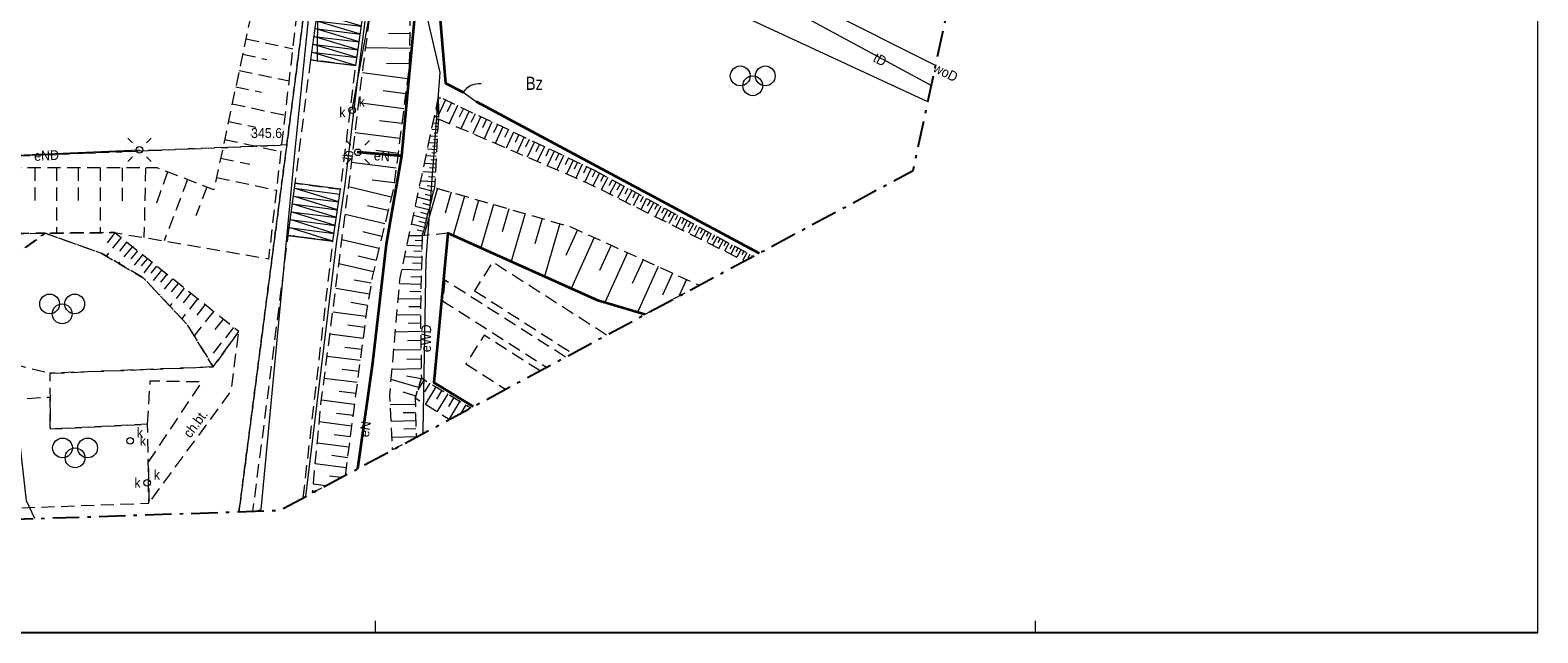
# Model space of a CAD drawing. Header units: metres. Extents: x 6605396 to 6605688, y 5559202 to 5559407.
# Tile 4 of 12: x 6605574 to 6605688, y 5559202 to 5559247. Entities that reach past the tile are written whole.
import ezdxf

# ---------------------------------------------------------------- set-up
doc = ezdxf.new("R2010")
doc.units = ezdxf.units.M
doc.header["$MEASUREMENT"] = 0
for name, pattern in [('1.0_0.5', [1.5, 1, -0.5]), ('212-500', [3.5, 2, -0.625, 0.25, -0.625]), ('219-500', [0]), ('egug-500', [1, 0.5, -0.5]), ('otof_500', [0])]:
    doc.linetypes.add(name, pattern=pattern)
doc.layers.get('0').update_dxf_attribs({"color": 2, "linetype": 'CONTINUOUS', "lineweight": 5})
for name, color, linetype in [('000 Inne (niezydentyfikowane)', 7, 'CONTINUOUS'), ('210-oznaczenie konturu użytku gruntowego', 7, 'CONTINUOUS'), ('218-kontur użytku gruntowego', 7, 'CONTINUOUS'), ('219-działka ewidencyjna', 7, 'CONTINUOUS'), ('chodnik', 7, 'CONTINUOUS'), ('chodnik-Atr17', 7, 'CONTINUOUS'), ('furtka', 7, 'CONTINUOUS'), ('inna budowla', 7, 'CONTINUOUS'), ('inna budowla-Atr17', 7, 'CONTINUOUS'), ('latarnia', 7, 'CONTINUOUS'), ('Obszar opracowania', 7, 'CONTINUOUS'), ('obudowa ochronna przewodu', 7, 'CONTINUOUS'), ('ogrodzenie trwałe', 7, 'CONTINUOUS'), ('pikieta naturalna', 7, 'CONTINUOUS'), ('pikieta naturalna-Atr2', 7, 'CONTINUOUS'), ('plac gier i zabaw', 7, 'CONTINUOUS'), ('przewód elektroenergetyczny podziemny', 7, 'CONTINUOUS'), ('przewód elektroenergetyczny podziemny-Atr1', 7, 'CONTINUOUS'), ('przewód gazowy', 7, 'CONTINUOUS'), ('przewód kanalizacyjny', 7, 'CONTINUOUS'), ('przewód telekomunikacyjny podziemny', 7, 'CONTINUOUS'), ('przewód telekomunikacyjny podziemny-Atr1', 7, 'CONTINUOUS'), ('przewód wodociągowy', 7, 'CONTINUOUS'), ('przewód wodociągowy-Atr1', 7, 'CONTINUOUS'), ('Ramki i opis wydruku', 7, 'CONTINUOUS'), ('schody w ciągu komunikacyjnym', 7, 'CONTINUOUS'), ('skarpa nieumocniona', 7, 'CONTINUOUS'), ('studnia kanalizacyjna', 7, 'CONTINUOUS'), ('studnia kanalizacyjna-Atr17', 7, 'CONTINUOUS'), ('słup przewodów napowietrznych', 7, 'CONTINUOUS'), ('Wstawianie ramki sekcyjnej z opisem', 7, 'CONTINUOUS'), ('właz do komory lub kanału - okrągły', 7, 'CONTINUOUS'), ('właz do komory lub kanału - okrągły-Atr17', 7, 'CONTINUOUS')]:
    doc.layers.add(name, color=color, linetype=linetype)
doc.styles.get("Standard").update_dxf_attribs({"font": 'Working1250.shx', "width": 0.75})
doc.linetypes.add('902-500', pattern='A,3.75,0,[1,ksztalty.shx,S=0.5,R=0,X=0,Y=0],3.75', length=7.5)

# ---------------------------------------------------------------- blocks, each defined once
blk = doc.blocks.new('US15')
at = {"color": 0, "linetype": 'Continuous', "lineweight": 13}
blk.add_circle((0, 0), 0.25, dxfattribs=at)
blk = doc.blocks.new('US22')
at = {"color": 0, "linetype": 'Continuous', "lineweight": 13}
blk.add_circle((0, 0), 0.25, dxfattribs=at)
blk = doc.blocks.new('SM01')
at = {"color": 0, "linetype": 'Continuous', "lineweight": 13}
for p, q in [((-0.53, 0.531), (-0.883, 0.884)), ((0.531, 0.531), (0.884, 0.884)), ((-0.53, -0.53), (-0.883, -0.883)), ((0.531, -0.53), (0.884, -0.883))]:
    blk.add_line(p, q, dxfattribs=at)
blk.add_circle((0, 0), 0.25, dxfattribs=at)
blk = doc.blocks.new('OK04')
at = {"color": 0, "linetype": 'Continuous', "lineweight": 0}
blk.add_arc((1.5, 0.001), 1.5, 120, 180, dxfattribs=at)
blk = doc.blocks.new('PW01')
at = {"linetype": 'Continuous', "lineweight": 13}
h = blk.add_hatch(color=0, dxfattribs=at)
edge = h.paths.add_edge_path()
edge.add_arc((0, 0), 0.045, 0, 360)
blk = doc.blocks.new('BS04')
at = {"color": 0, "linetype": 'Continuous', "lineweight": 13}
for centre in [(-0.95, 0.75), (0.95, 0.75), (0, 0)]:
    blk.add_circle(centre, 0.75, dxfattribs=at)

msp = doc.modelspace()

# ---------------------------------------------------------------- linework, layer by layer
at = {"layer": '000 Inne (niezydentyfikowane)', "color": 7, "linetype": 'Continuous', "lineweight": 13}
for p, q in [((6605602.58, 5559246.97), (6605600.99, 5559246.99)), ((6605602.57, 5559245.85), (6605599.25, 5559245.9)), ((6605602.55, 5559244.7), (6605600.83, 5559244.73)), ((6605602.43, 5559243.56), (6605599, 5559244)), ((6605602.28, 5559242.42), (6605600.57, 5559242.64)), ((6605602.14, 5559241.29), (6605598.73, 5559241.73)), ((6605604.77, 5559241.18), (6605604.56, 5559241.18)), ((6605604.77, 5559241.68), (6605604.67, 5559241.68)), ((6605604.77, 5559241.43), (6605604.69, 5559241.43)), ((6605604.78, 5559241.93), (6605604.75, 5559241.93)), ((6605605.3, 5559241.96), (6605604.76, 5559240.82)), ((6605604.9, 5559242.14), (6605604.84, 5559242.01)), ((6605605.76, 5559241.74), (6605605.43, 5559241.05)), ((6605606.21, 5559241.53), (6605605.57, 5559240.16)), ((6605606.66, 5559241.32), (6605606.34, 5559240.64)), ((6605601.99, 5559240.16), (6605600.29, 5559240.38)), ((6605604.74, 5559240.18), (6605604.35, 5559240.2)), ((6605604.76, 5559240.68), (6605604.46, 5559240.68)), ((6605604.76, 5559240.43), (6605604.58, 5559240.44)), ((6605604.76, 5559240.93), (6605604.64, 5559240.93)), ((6605607.1, 5559241.11), (6605606.47, 5559239.77)), ((6605607.54, 5559240.9), (6605607.23, 5559240.24)), ((6605607.97, 5559240.7), (6605607.36, 5559239.4)), ((6605608.4, 5559240.5), (6605608.09, 5559239.85)), ((6605608.82, 5559240.3), (6605608.22, 5559239.02)), ((6605609.24, 5559240.1), (6605608.94, 5559239.47)), ((6605601.84, 5559239.03), (6605598.46, 5559239.47)), ((6605604.69, 5559239.18), (6605604.14, 5559239.21)), ((6605604.71, 5559239.68), (6605604.25, 5559239.71)), ((6605604.67, 5559238.93), (6605604.38, 5559238.95)), ((6605604.7, 5559239.43), (6605604.45, 5559239.45)), ((6605604.73, 5559239.93), (6605604.51, 5559239.94)), ((6605609.65, 5559239.91), (6605609.06, 5559238.66)), ((6605610.06, 5559239.71), (6605609.77, 5559239.1)), ((6605610.46, 5559239.52), (6605609.89, 5559238.31)), ((6605610.86, 5559239.33), (6605610.58, 5559238.73)), ((6605611.26, 5559239.15), (6605610.7, 5559237.96)), ((6605611.65, 5559238.96), (6605611.37, 5559238.38)), ((6605601.7, 5559237.9), (6605600.01, 5559238.12)), ((6605604.63, 5559238.18), (6605603.93, 5559238.22)), ((6605604.66, 5559238.68), (6605604.04, 5559238.72)), ((6605604.62, 5559237.93), (6605604.25, 5559237.95)), ((6605604.64, 5559238.43), (6605604.31, 5559238.45)), ((6605612.03, 5559238.78), (6605611.48, 5559237.62)), ((6605612.41, 5559238.6), (6605612.14, 5559238.03)), ((6605612.79, 5559238.43), (6605612.25, 5559237.29)), ((6605613.16, 5559238.25), (6605612.9, 5559237.69)), ((6605613.53, 5559238.08), (6605613.01, 5559236.97)), ((6605613.89, 5559237.9), (6605613.64, 5559237.36)), ((6605614.25, 5559237.74), (6605613.74, 5559236.65)), ((6605601.55, 5559236.78), (6605598.18, 5559237.22)), ((6605604.57, 5559237.09), (6605603.7, 5559237.14)), ((6605604.6, 5559237.67), (6605603.82, 5559237.71)), ((6605604.55, 5559236.78), (6605604.09, 5559236.81)), ((6605604.59, 5559237.39), (6605604.18, 5559237.41)), ((6605614.61, 5559237.57), (6605614.36, 5559237.03)), ((6605614.96, 5559237.4), (6605614.46, 5559236.34)), ((6605615.31, 5559237.24), (6605615.06, 5559236.71)), ((6605615.65, 5559237.08), (6605615.17, 5559236.04)), ((6605615.99, 5559236.92), (6605615.75, 5559236.4)), ((6605616.33, 5559236.76), (6605615.85, 5559235.74)), ((6605616.66, 5559236.6), (6605616.4, 5559236.11)), ((6605601.41, 5559235.67), (6605599.73, 5559235.89)), ((6605604.49, 5559235.75), (6605603.42, 5559235.81)), ((6605604.53, 5559236.46), (6605603.57, 5559236.51)), ((6605604.47, 5559235.38), (6605603.91, 5559235.44)), ((6605604.51, 5559236.11), (6605604, 5559236.14)), ((6605616.98, 5559236.42), (6605616.46, 5559235.46)), ((6605617.3, 5559236.25), (6605617.04, 5559235.77)), ((6605617.61, 5559236.08), (6605617.1, 5559235.14)), ((6605617.92, 5559235.91), (6605617.67, 5559235.45)), ((6605618.23, 5559235.75), (6605617.73, 5559234.83)), ((6605618.53, 5559235.58), (6605618.28, 5559235.13)), ((6605601.19, 5559234.6), (6605597.96, 5559235.37)), ((6605604.21, 5559234.31), (6605603.16, 5559234.58)), ((6605604.39, 5559235.02), (6605603.31, 5559235.29)), ((6605604.69, 5559235.27), (6605603.65, 5559231.68)), ((6605604.3, 5559234.66), (6605603.77, 5559234.8)), ((6605605.73, 5559234.97), (6605605.27, 5559233.38)), ((6605606.75, 5559234.67), (6605605.88, 5559231.68)), ((6605607.81, 5559234.36), (6605607.36, 5559232.79)), ((6605618.83, 5559235.42), (6605618.34, 5559234.52)), ((6605619.12, 5559235.26), (6605618.88, 5559234.82)), ((6605619.41, 5559235.1), (6605618.94, 5559234.23)), ((6605619.7, 5559234.95), (6605619.47, 5559234.51)), ((6605619.98, 5559234.79), (6605619.52, 5559233.94)), ((6605620.27, 5559234.64), (6605620.04, 5559234.22)), ((6605620.54, 5559234.49), (6605620.09, 5559233.65)), ((6605620.82, 5559234.34), (6605620.59, 5559233.93)), ((6605600.71, 5559232.58), (6605597.7, 5559233.29)), ((6605600.95, 5559233.57), (6605599.39, 5559233.94)), ((6605603.87, 5559232.96), (6605602.87, 5559233.21)), ((6605604.04, 5559233.63), (6605603.01, 5559233.89)), ((6605603.95, 5559233.29), (6605603.44, 5559233.42)), ((6605604.12, 5559233.97), (6605603.6, 5559234.1)), ((6605608.93, 5559234.04), (6605607.97, 5559230.74)), ((6605610.1, 5559233.7), (6605609.6, 5559231.97)), ((6605611.33, 5559233.35), (6605610.28, 5559229.71)), ((6605621.09, 5559234.19), (6605620.64, 5559233.38)), ((6605621.35, 5559234.05), (6605621.14, 5559233.65)), ((6605621.62, 5559233.9), (6605621.19, 5559233.11)), ((6605621.88, 5559233.76), (6605621.67, 5559233.37)), ((6605622.14, 5559233.62), (6605621.72, 5559232.85)), ((6605622.39, 5559233.48), (6605622.18, 5559233.1)), ((6605622.64, 5559233.35), (6605622.23, 5559232.59)), ((6605622.89, 5559233.21), (6605622.69, 5559232.84)), ((6605603.7, 5559232.3), (6605602.72, 5559232.55)), ((6605603.62, 5559231.98), (6605603.14, 5559232.1)), ((6605603.78, 5559232.63), (6605603.29, 5559232.75)), ((6605612.62, 5559232.97), (6605612.07, 5559231.06)), ((6605613.96, 5559232.59), (6605612.8, 5559228.58)), ((6605615.29, 5559232.11), (6605614.41, 5559230.18)), ((6605623.14, 5559233.08), (6605622.74, 5559232.34)), ((6605623.38, 5559232.95), (6605623.18, 5559232.58)), ((6605623.62, 5559232.82), (6605623.23, 5559232.09)), ((6605623.86, 5559232.69), (6605623.66, 5559232.33)), ((6605624.09, 5559232.56), (6605623.71, 5559231.86)), ((6605624.32, 5559232.44), (6605624.13, 5559232.09)), ((6605624.55, 5559232.31), (6605624.18, 5559231.62)), ((6605624.78, 5559232.19), (6605624.59, 5559231.85)), ((6605625, 5559232.07), (6605624.64, 5559231.4)), ((6605600.26, 5559230.69), (6605597.45, 5559231.36)), ((6605600.48, 5559231.62), (6605599.03, 5559231.96)), ((6605603.52, 5559230.89), (6605602.38, 5559230.92)), ((6605603.54, 5559231.65), (6605602.54, 5559231.67)), ((6605603.53, 5559231.28), (6605603, 5559231.3)), ((6605616.57, 5559231.53), (6605614.82, 5559227.68)), ((6605617.84, 5559230.95), (6605616.97, 5559229.03)), ((6605625.22, 5559231.95), (6605625.04, 5559231.62)), ((6605625.44, 5559231.83), (6605625.09, 5559231.17)), ((6605625.67, 5559231.71), (6605625.49, 5559231.38)), ((6605625.89, 5559231.58), (6605625.54, 5559230.95)), ((6605626.11, 5559231.46), (6605625.94, 5559231.15)), ((6605626.34, 5559231.34), (6605626, 5559230.72)), ((6605626.56, 5559231.22), (6605626.39, 5559230.91)), ((6605626.78, 5559231.1), (6605626.45, 5559230.49)), ((6605627.01, 5559230.98), (6605626.85, 5559230.68)), ((6605627.23, 5559230.86), (6605626.91, 5559230.27)), ((6605600.05, 5559229.79), (6605598.69, 5559230.12)), ((6605603.5, 5559230.03), (6605602.2, 5559230.07)), ((6605603.51, 5559230.48), (6605602.9, 5559230.49)), ((6605619.08, 5559230.39), (6605617.37, 5559226.61)), ((6605620.27, 5559229.85), (6605619.45, 5559228.04)), ((6605627.46, 5559230.73), (6605627.3, 5559230.44)), ((6605627.68, 5559230.61), (6605627.37, 5559230.04)), ((6605627.9, 5559230.49), (6605627.75, 5559230.21)), ((6605628.13, 5559230.37), (6605627.82, 5559229.81)), ((6605628.35, 5559230.25), (6605628.2, 5559229.97)), ((6605628.57, 5559230.13), (6605628.535, 5559230.065)), ((6605599.84, 5559228.93), (6605597.22, 5559229.55)), ((6605603.47, 5559229.06), (6605601.99, 5559229.1)), ((6605603.48, 5559229.56), (6605602.79, 5559229.58)), ((6605621.41, 5559229.33), (6605619.84, 5559225.86)), ((6605622.51, 5559228.83), (6605621.75, 5559227.17)), ((6605599.53, 5559227.23), (6605596.98, 5559227.66)), ((6605599.67, 5559228.07), (6605598.38, 5559228.29)), ((6605603.44, 5559227.98), (6605601.82, 5559228.02)), ((6605603.43, 5559227.42), (6605602.6, 5559227.45)), ((6605603.46, 5559228.53), (6605602.67, 5559228.55)), ((6605623.56, 5559228.35), (6605622.988, 5559227.088)), ((6605599.38, 5559226.39), (6605598.13, 5559226.6)), ((6605603.41, 5559226.85), (6605601.72, 5559226.9)), ((6605603.4, 5559226.27), (6605602.53, 5559226.29)), ((6605599.26, 5559225.55), (6605596.75, 5559225.88)), ((6605603.39, 5559225.67), (6605601.61, 5559225.64)), ((6605599.05, 5559223.88), (6605596.53, 5559224.2)), ((6605599.16, 5559224.71), (6605597.9, 5559224.88)), ((6605603.41, 5559224.4), (6605601.5, 5559224.37)), ((6605603.4, 5559225.04), (6605602.48, 5559225.03)), ((6605598.94, 5559223.04), (6605597.68, 5559223.2)), ((6605603.44, 5559223.03), (6605601.38, 5559223)), ((6605603.43, 5559223.73), (6605602.43, 5559223.71)), ((6605598.83, 5559222.21), (6605596.32, 5559222.53)), ((6605603.45, 5559222.31), (6605602.38, 5559222.3)), ((6605598.61, 5559220.54), (6605596.11, 5559220.86)), ((6605598.72, 5559221.37), (6605597.47, 5559221.53)), ((6605603.25, 5559220.16), (6605601.18, 5559220.78)), ((6605603.46, 5559221.58), (6605601.25, 5559221.54)), ((6605603.45, 5559220.83), (6605602.34, 5559221.02)), ((6605603.67, 5559220.77), (6605603.2, 5559220)), ((6605598.5, 5559219.71), (6605597.25, 5559219.87)), ((6605603.06, 5559219.52), (6605602.09, 5559219.81)), ((6605604.12, 5559220.5), (6605603.71, 5559219.83)), ((6605604.57, 5559220.23), (6605603.75, 5559218.88)), ((6605605.02, 5559219.96), (6605604.61, 5559219.28)), ((6605605.47, 5559219.68), (6605604.65, 5559218.32)), ((6605598.39, 5559218.88), (6605595.9, 5559219.2)), ((6605603.02, 5559218.89), (6605601.11, 5559218.85)), ((6605605.93, 5559219.41), (6605605.52, 5559218.72)), ((6605606.39, 5559219.13), (6605605.56, 5559217.75)), ((6605606.85, 5559218.85), (6605606.468, 5559218.222)), ((6605598.18, 5559217.24), (6605595.73, 5559217.56)), ((6605598.29, 5559218.05), (6605597.05, 5559218.21)), ((6605603.04, 5559217.64), (6605601.17, 5559217.6)), ((6605603.03, 5559218.26), (6605602.09, 5559218.24)), ((6605598.07, 5559216.44), (6605596.86, 5559216.59)), ((6605603.07, 5559216.42), (6605601.24, 5559216.38)), ((6605603.06, 5559217.03), (6605602.13, 5559217.01)), ((6605597.97, 5559215.64), (6605595.58, 5559215.95)), ((6605597.87, 5559214.85), (6605596.68, 5559215.01)), ((6605597.77, 5559214.08), (6605595.43, 5559214.38)), ((6605596.227, 5559212.726), (6605595.28, 5559212.85)), ((6605597.384, 5559213.347), (6605596.51, 5559213.46))]:
    msp.add_line(p, q, dxfattribs=at)
at = {"layer": '218-kontur użytku gruntowego', "color": 3, "linetype": 'egug-500', "lineweight": 18, "flags": 128}
for points in [[(6605593.27, 5559238.55), (6605597.78, 5559273.2)], [(6605597.78, 5559273.2), (6605593.27, 5559238.55)], [(6605522.357, 5559235.63), (6605593.27, 5559238.55)], [(6605593.27, 5559238.55), (6605522.357, 5559235.63)], [(6605593.27, 5559238.55), (6605589.65, 5559210.756)], [(6605589.65, 5559210.756), (6605593.27, 5559238.55)]]:
    msp.add_lwpolyline(points, dxfattribs=at)
at = {"layer": '219-działka ewidencyjna', "color": 7, "linetype": '219-500', "lineweight": 18, "flags": 128}
msp.add_lwpolyline([(6605597.78, 5559273.2), (6605589.649, 5559210.756)], dxfattribs=at)
at = {"layer": 'chodnik', "color": 7, "linetype": '1.0_0.5', "lineweight": 18, "flags": 128}
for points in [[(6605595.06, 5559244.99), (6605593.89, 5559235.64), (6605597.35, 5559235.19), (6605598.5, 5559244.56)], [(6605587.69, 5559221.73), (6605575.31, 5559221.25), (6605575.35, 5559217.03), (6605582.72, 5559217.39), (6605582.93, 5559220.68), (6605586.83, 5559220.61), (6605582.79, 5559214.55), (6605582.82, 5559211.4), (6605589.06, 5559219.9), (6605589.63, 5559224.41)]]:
────────────────────
### HOW TO COMPLETE THIS TASK
Beginning with the first entry above, reproduce every line verbatim until the line with "doc.units = ezdxf.units.M", which is included too; omit pictures.

### TASK RESULT
# Model space of a CAD drawing. Header units: metres. Extents: x 6605396 to 6605688, y 5559202 to 5559407.
# Tile 4 of 12: x 6605574 to 6605688, y 5559202 to 5559247. Entities that reach past the tile are written whole.
import ezdxf

# ---------------------------------------------------------------- set-up
doc = ezdxf.new("R2010")
doc.units = ezdxf.units.M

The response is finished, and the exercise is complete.